Segundo Renan, o caso é considerado um dos mais graves entre os investigados pela Comissão de Assuntos Econômicos (CAE) do Senado, da qual ele é presidente. O senador declarou que Maceió foi “a única capital do país” a realizar aporte direto em letras financeiras do Banco Master, utilizando recursos previdenciários de aposentados e pensionistas.  

De acordo com o parlamentar, a proposta apresentada no Senado pretende obrigar o Fundo Garantidor de Créditos (FGC) a ressarcir fundos previdenciários públicos atingidos por operações financeiras investigadas ou consideradas fraudulentas. O projeto inclui diretamente os R$ 117 milhões aplicados pelo Iprev Maceió no Banco Master.  

Renan afirmou que o objetivo é impedir que aposentados sejam penalizados por decisões administrativas tomadas sem segurança financeira e sem garantias suficientes. Em declaração pública, o senador afirmou que “quem brinca com o dinheiro dos aposentados precisa responder pelos seus atos”.  

Suspeitas de fraude e assinaturas questionadas

Durante as investigações preliminares, Renan declarou haver indícios de irregularidades graves no processo que autorizou a operação financeira. Segundo ele, assinaturas de integrantes do conselho responsável pela autorização do investimento teriam sido fraudadas.

“O caso de Maceió é ainda mais grave porque não teve autorização do conselho que representa os aposentados. As assinaturas foram fraudadas”, afirmou o senador.  

As declarações ampliaram a pressão política sobre a antiga gestão municipal e fizeram o caso ganhar dimensão nacional dentro das investigações sobre o Banco Master.

Além disso, Renan declarou que a comissão já solicitou documentos, explicações e informações detalhadas sobre toda a tramitação do aporte milionário realizado pelo Iprev.  

Comissão do Senado acompanha investigação

Segundo o senador, a CAE criou um grupo específico para acompanhar os desdobramentos do caso envolvendo Maceió. O grupo investiga não apenas o aporte dos R$ 117 milhões, mas também outras operações financeiras realizadas durante a gestão JHC, incluindo a venda da folha de pagamento da Prefeitura de Maceió ao BRB.  
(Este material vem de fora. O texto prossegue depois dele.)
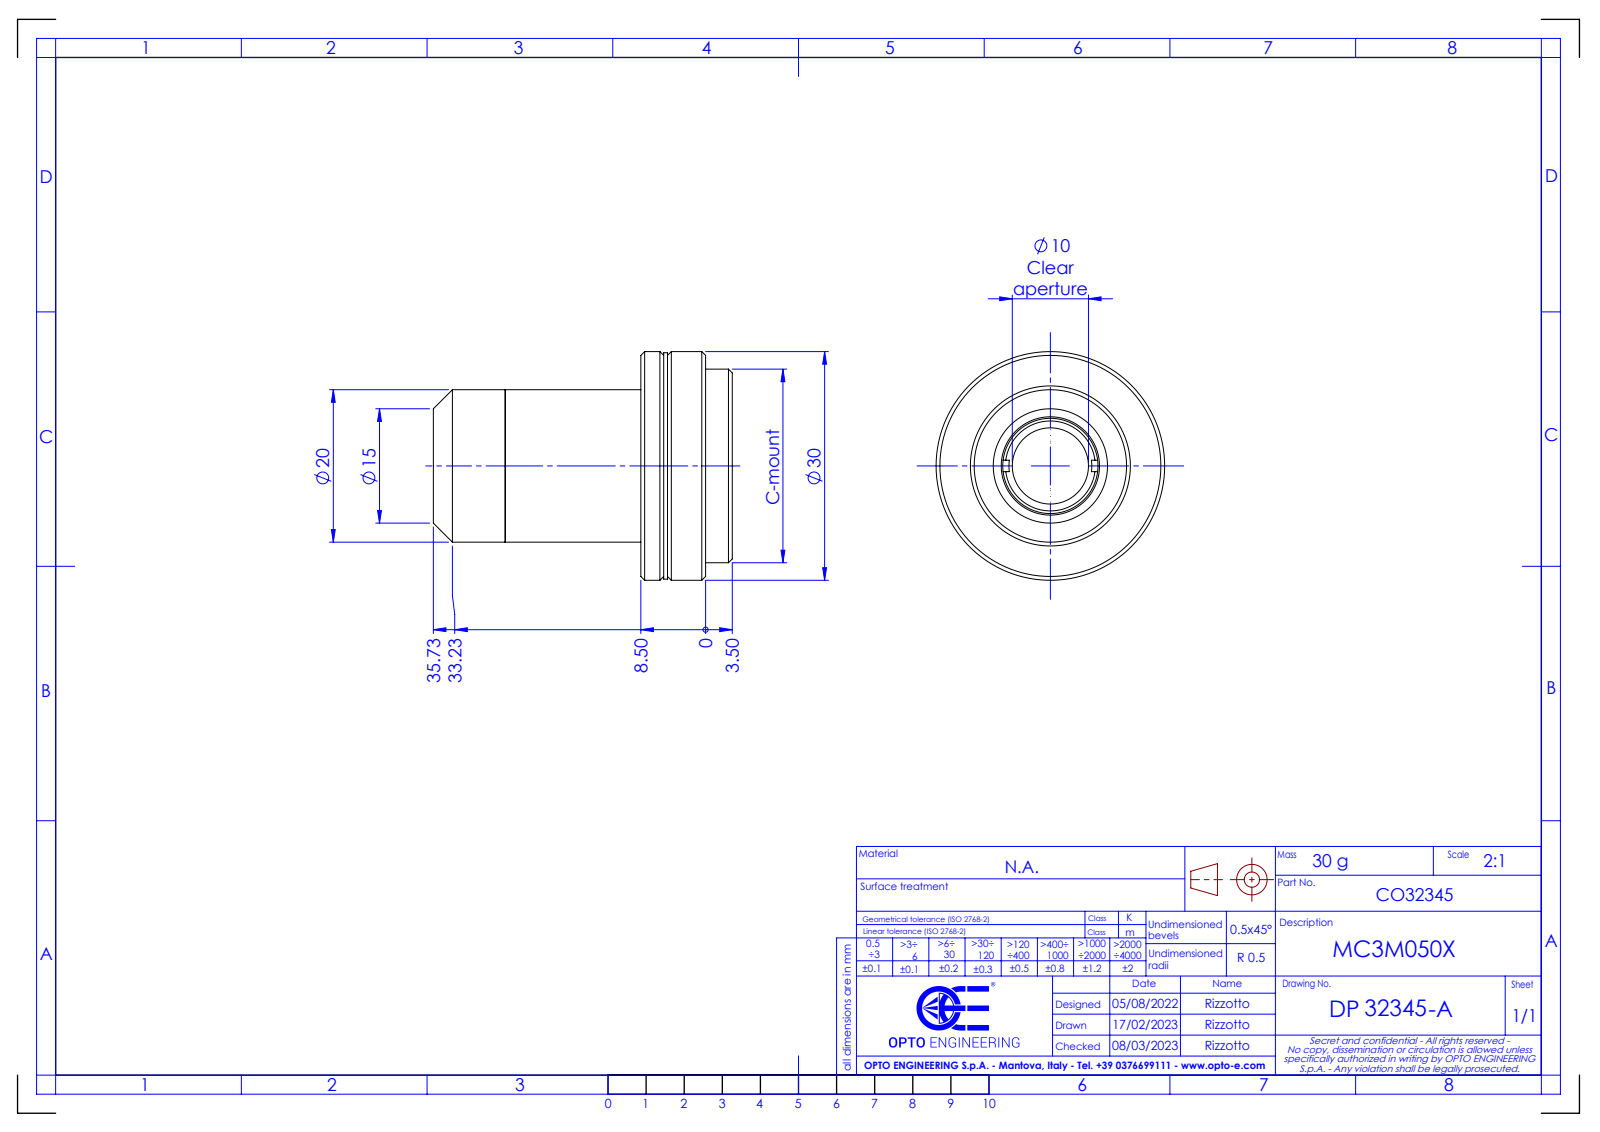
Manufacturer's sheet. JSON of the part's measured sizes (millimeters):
{"part_name": "DP32345-A_MC3M050X", "step_written_by": "SolidWorks 2021 (CONFIG_CONTROL_DESIGN)", "units": "millimeters", "bodies": {"solids": 0, "faces": 69, "planar": 19, "cylindrical": 22, "other": 28}, "overall_size": [39.23, 30, 30], "round_holes": [[10, 1], [12.5, 1], [15.5, 1], [18, 1]], "round_bosses_or_shafts": [[30, 1], [29.7, 1], [25.4, 1], [20, 1]], "face_to_face_distances": [8.5, 3.5, 5, 3, 0.5, 5.5, 12, 9, 17.81, 20.81]}
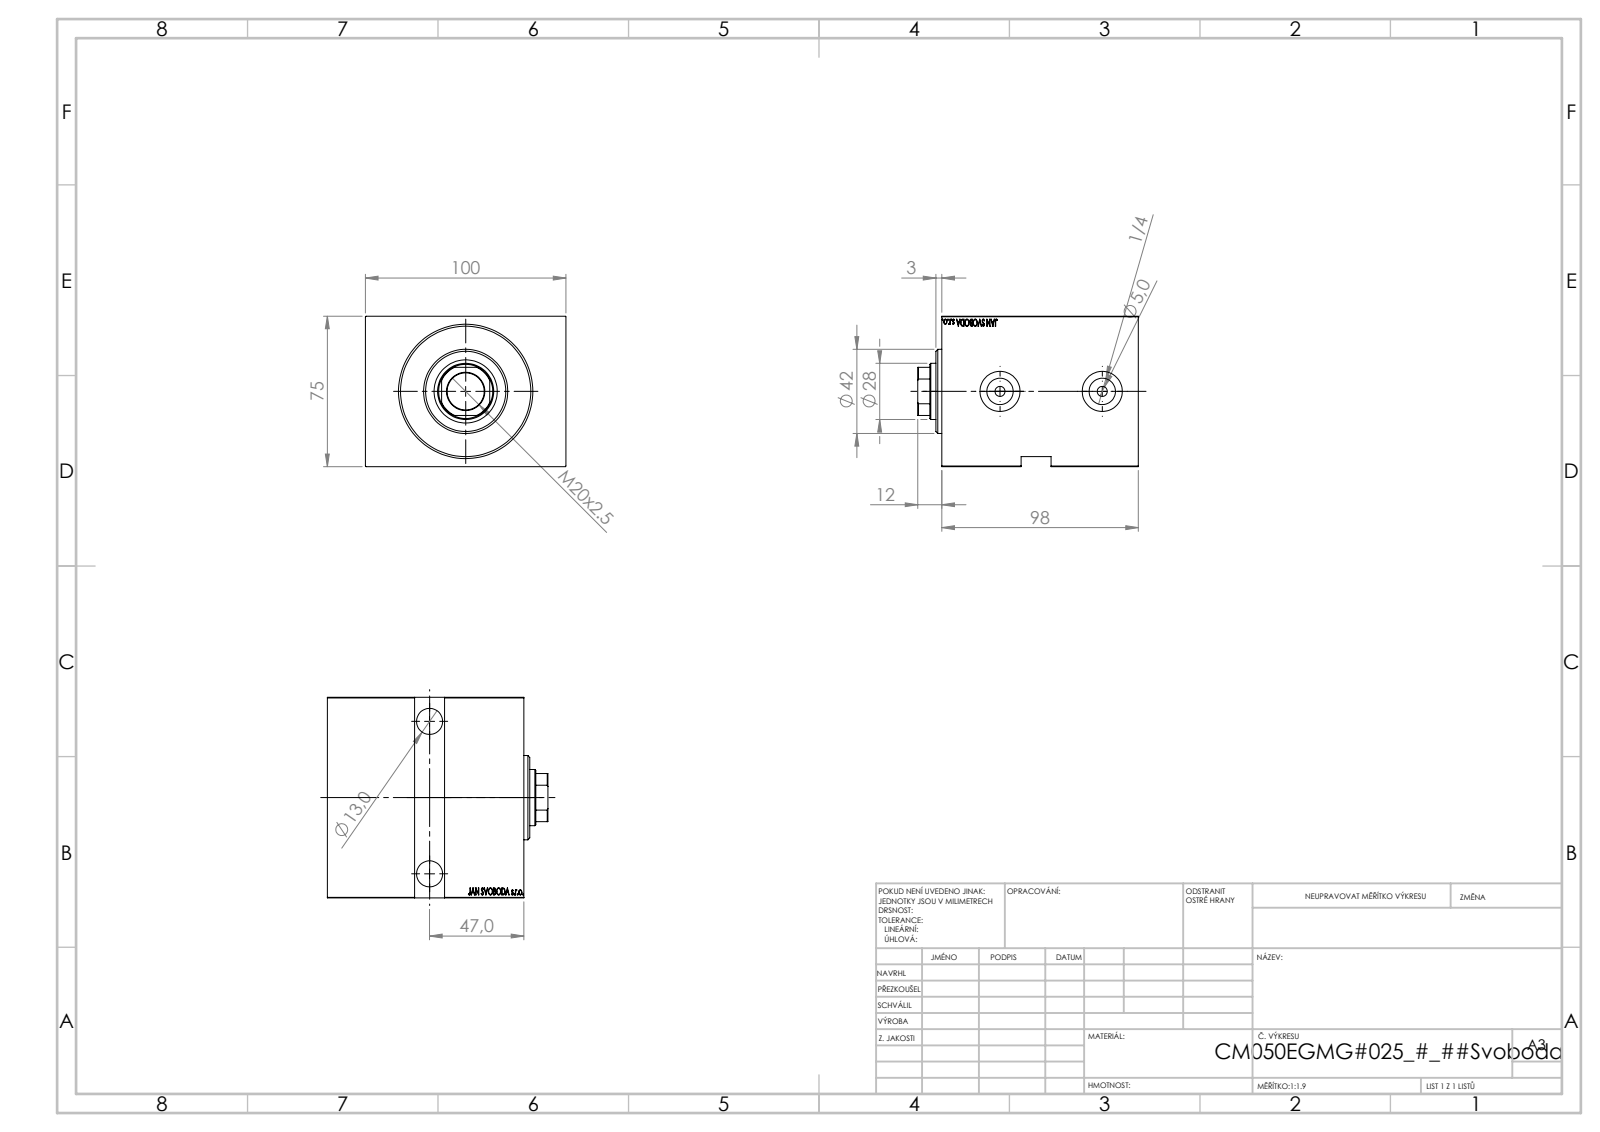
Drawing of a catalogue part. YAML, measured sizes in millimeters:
part_name: "V450CM_E_Body; V450CM_VC_B; V450CM_E_VCP"
step_written_by: "SolidWorks 2019 (CONFIG_CONTROL_DESIGN)"
units: millimeters
bodies: {solids: 3, faces: 848, planar: 410, cylindrical: 44, other: 394}
overall_size: [110, 100, 75]
volume: 674224
surface_area: 98309
round_holes:
  - {diameter: 5, count: 2}
  - {diameter: 13, count: 2}
  - {diameter: 13.16, count: 2}
  - {diameter: 19, count: 2}
  - {diameter: 20, count: 2}
  - {diameter: 18.5, count: 1}
  - {diameter: 28, count: 1}
  - {diameter: 31.5, count: 1}
  - {diameter: 50, count: 1}
  - {diameter: 65, count: 1}
round_bosses_or_shafts:
  - {diameter: 52, count: 1}
  - {diameter: 42, count: 1}
partial_cylinders:
  - {radius: 13.5, count: 1}
face_to_face_distances: [75, 100, 98, 14, 84, 5, 93, 79, 81.4, 67.4]
hole_center_spacings: [51, 76]
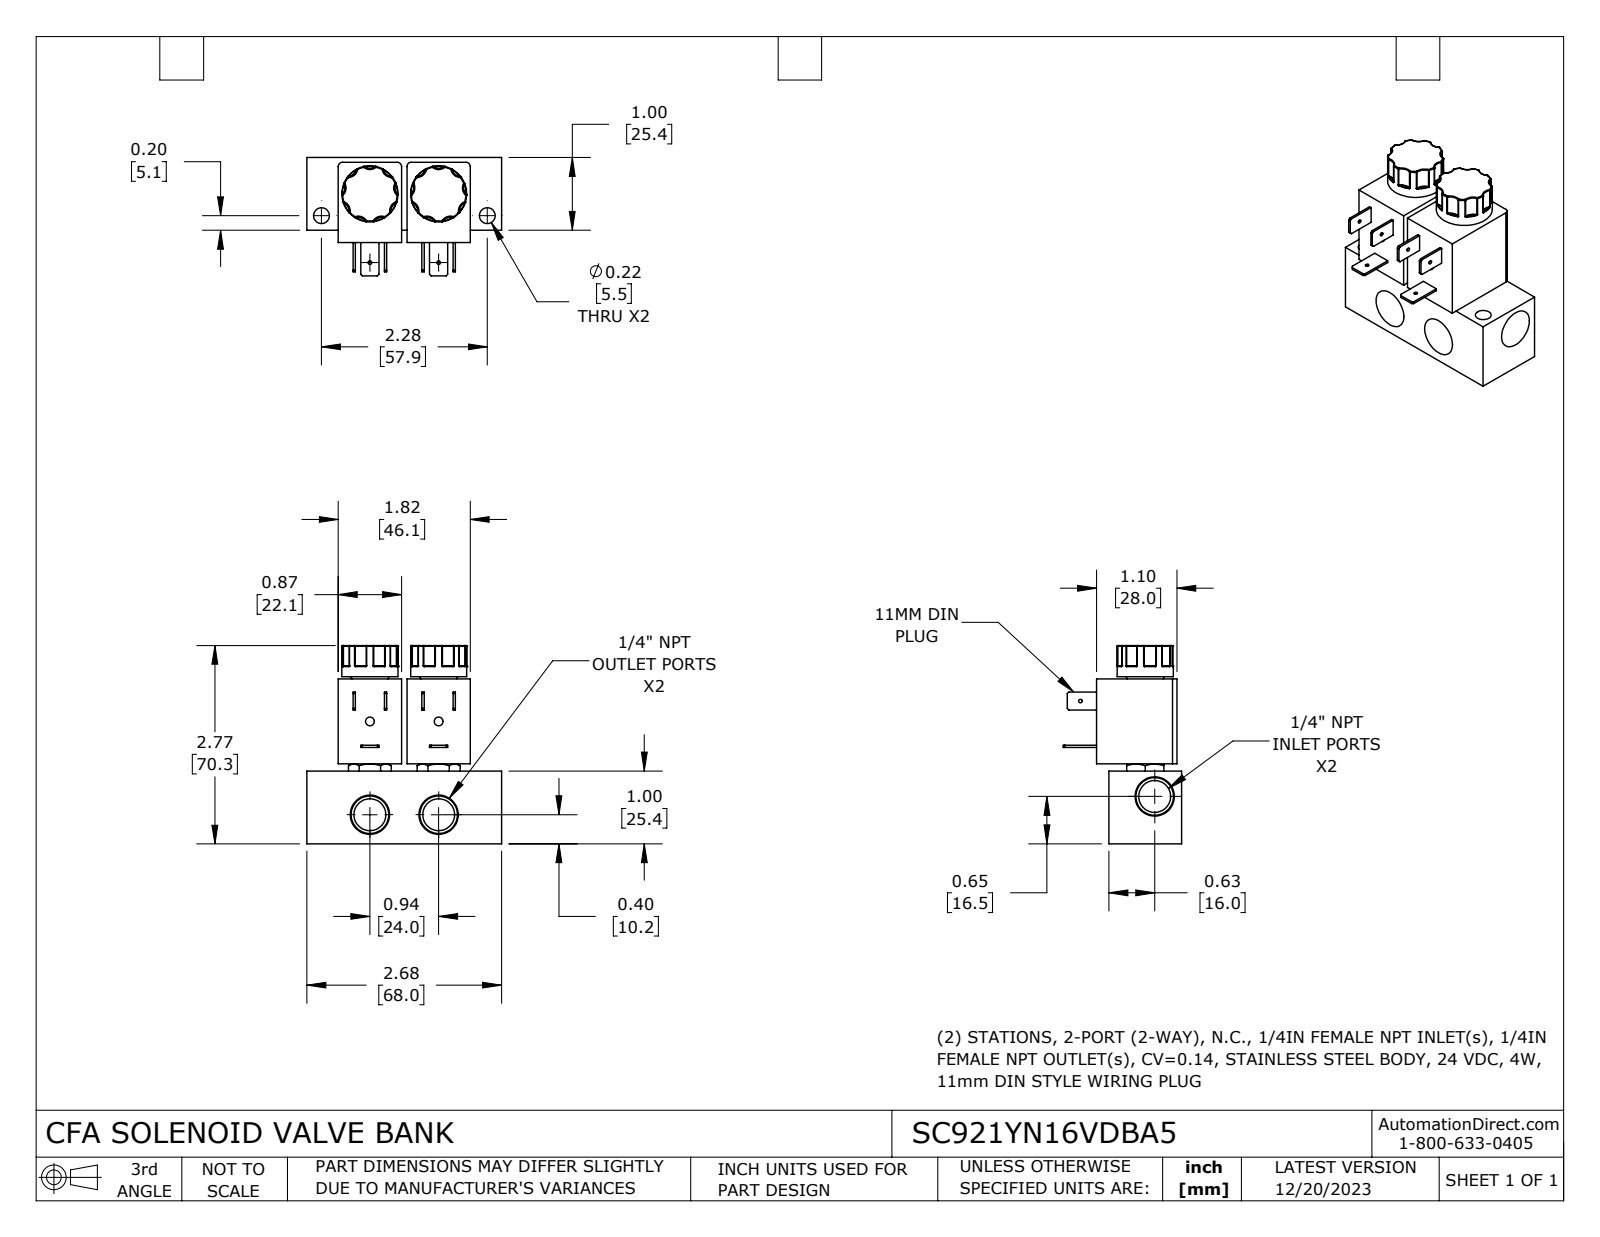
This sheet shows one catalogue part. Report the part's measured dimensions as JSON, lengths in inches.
{"part_name": "SC921YN16VDBA5", "step_written_by": "SolidWorks 2023 (CONFIG_CONTROL_DESIGN)", "units": "inches", "bodies": {"solids": 1, "faces": 446, "planar": 100, "cylindrical": 96, "other": 250}, "overall_size": [2.725, 2.677, 1.627], "volume_in3": 4.833, "surface_area_in2": 34.57, "round_holes": [[0.05, 3], [0.438, 3], [0.12, 2], [0.217, 2]], "round_bosses_or_shafts": [[0.77, 2]], "partial_cylinders_radius": [[0.01, 36], [0.133, 18], [0.06, 4]], "face_to_face_distances": [1, 0.945, 0.87, 1.169, 0.169, 0.065, 0.935, 1.104, 0.431, 1.301], "hole_center_spacings": [0.945, 1.282, 1.593, 0.928, 0.93, 1.662, 1.735, 1.738]}
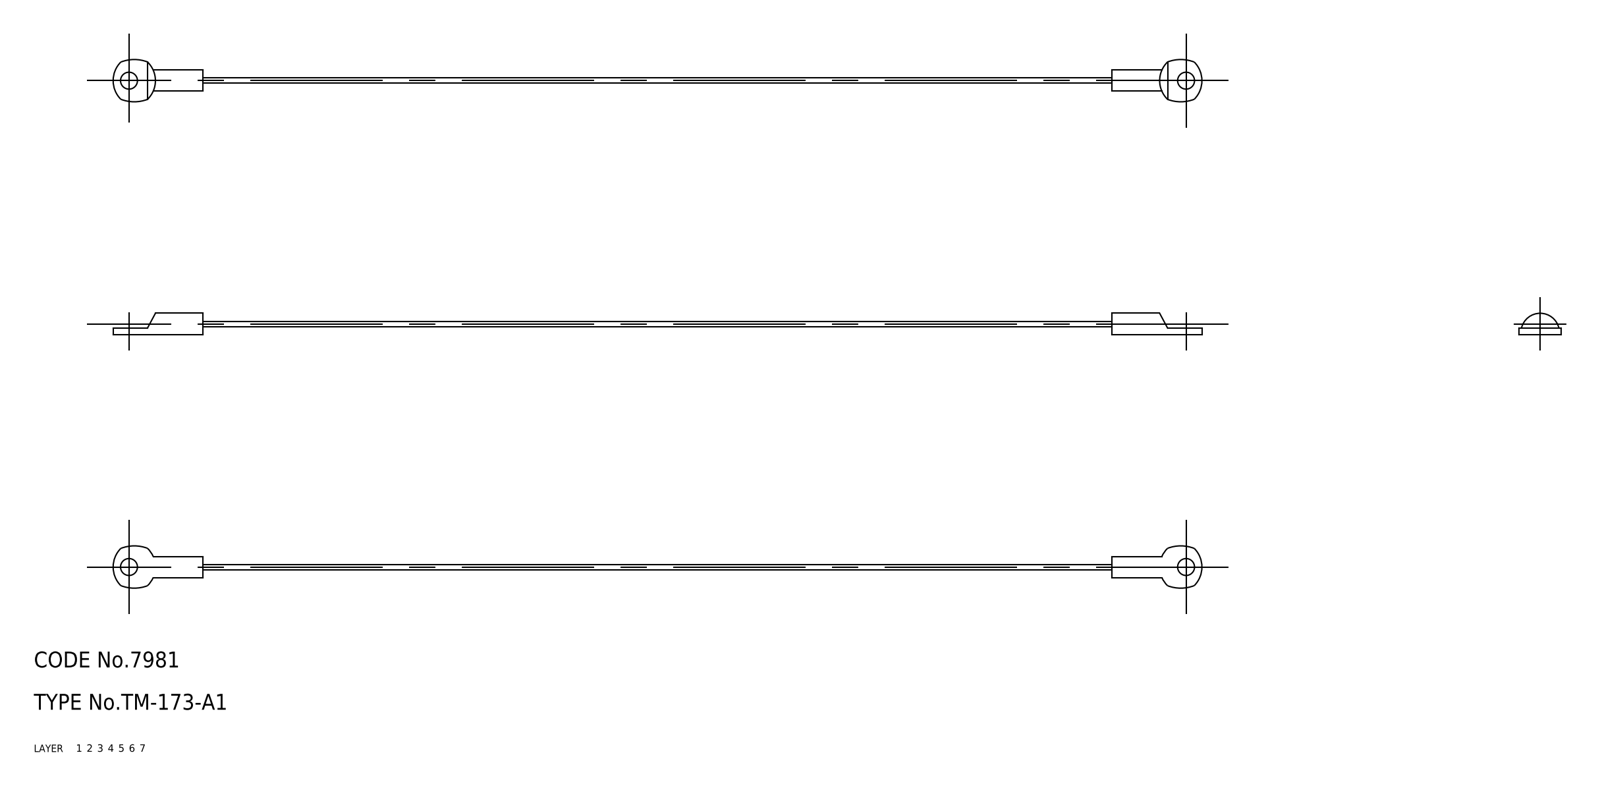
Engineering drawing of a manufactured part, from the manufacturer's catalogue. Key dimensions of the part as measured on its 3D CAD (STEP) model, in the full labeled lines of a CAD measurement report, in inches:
Part name (STEP PRODUCT): terminal; wire; TM_173_A1_28231_36
STEP written by: CADfix (AUTOMOTIVE_DESIGN)
Units: inches
Bodies: 3 solids, 56 faces (0 planar, 0 cylindrical, 56 other)
Overall size (bounding box): 8.11 × 0.315 × 0.157
Volume: 0.029 in³ · Surface area: 1.845 in²

Renan afirmou que a intenção é aprofundar as responsabilidades administrativas, financeiras e eventualmente criminais relacionadas ao caso.

“Vou até o fim e quero responsabilizar criminalmente uma a uma dessas pessoas que roubaram os aposentados e pensionistas”, declarou.  

PF aguarda autorização para investigar operação

Reportagens divulgadas recentemente apontam que a Polícia Federal aguarda autorização judicial para avançar em uma investigação específica sobre o repasse dos R$ 117 milhões do Iprev ao Banco Master.  

Segundo informações divulgadas, a PF apura possíveis indícios de gestão temerária, fraude documental e irregularidades na aplicação dos recursos previdenciários. O caso de Maceió passou a ser tratado separadamente pelo volume da operação e pelo fato de a capital alagoana ter sido a única capital brasileira a realizar esse tipo de aporte no banco.  

Caso Banco Master ganhou repercussão nacional

O escândalo envolvendo o Banco Master ganhou repercussão após investigações sobre supostas fraudes financeiras, operações de alto risco e problemas de solvência da instituição. O caso passou a ser tratado nacionalmente após ações da Polícia Federal e do Banco Central relacionadas à situação financeira do banco.  

As investigações também passaram a analisar aplicações feitas por fundos públicos e institutos de previdência municipais e estaduais em ativos ligados ao banco. Entre os casos citados estão operações realizadas por fundos previdenciários de diferentes estados e municípios brasileiros.  

No caso de Maceió, a principal preocupação levantada por integrantes da comissão do Senado é o risco de prejuízo direto aos aposentados e pensionistas vinculados ao Iprev, diante da ausência de garantias integrais para esse tipo de investimento.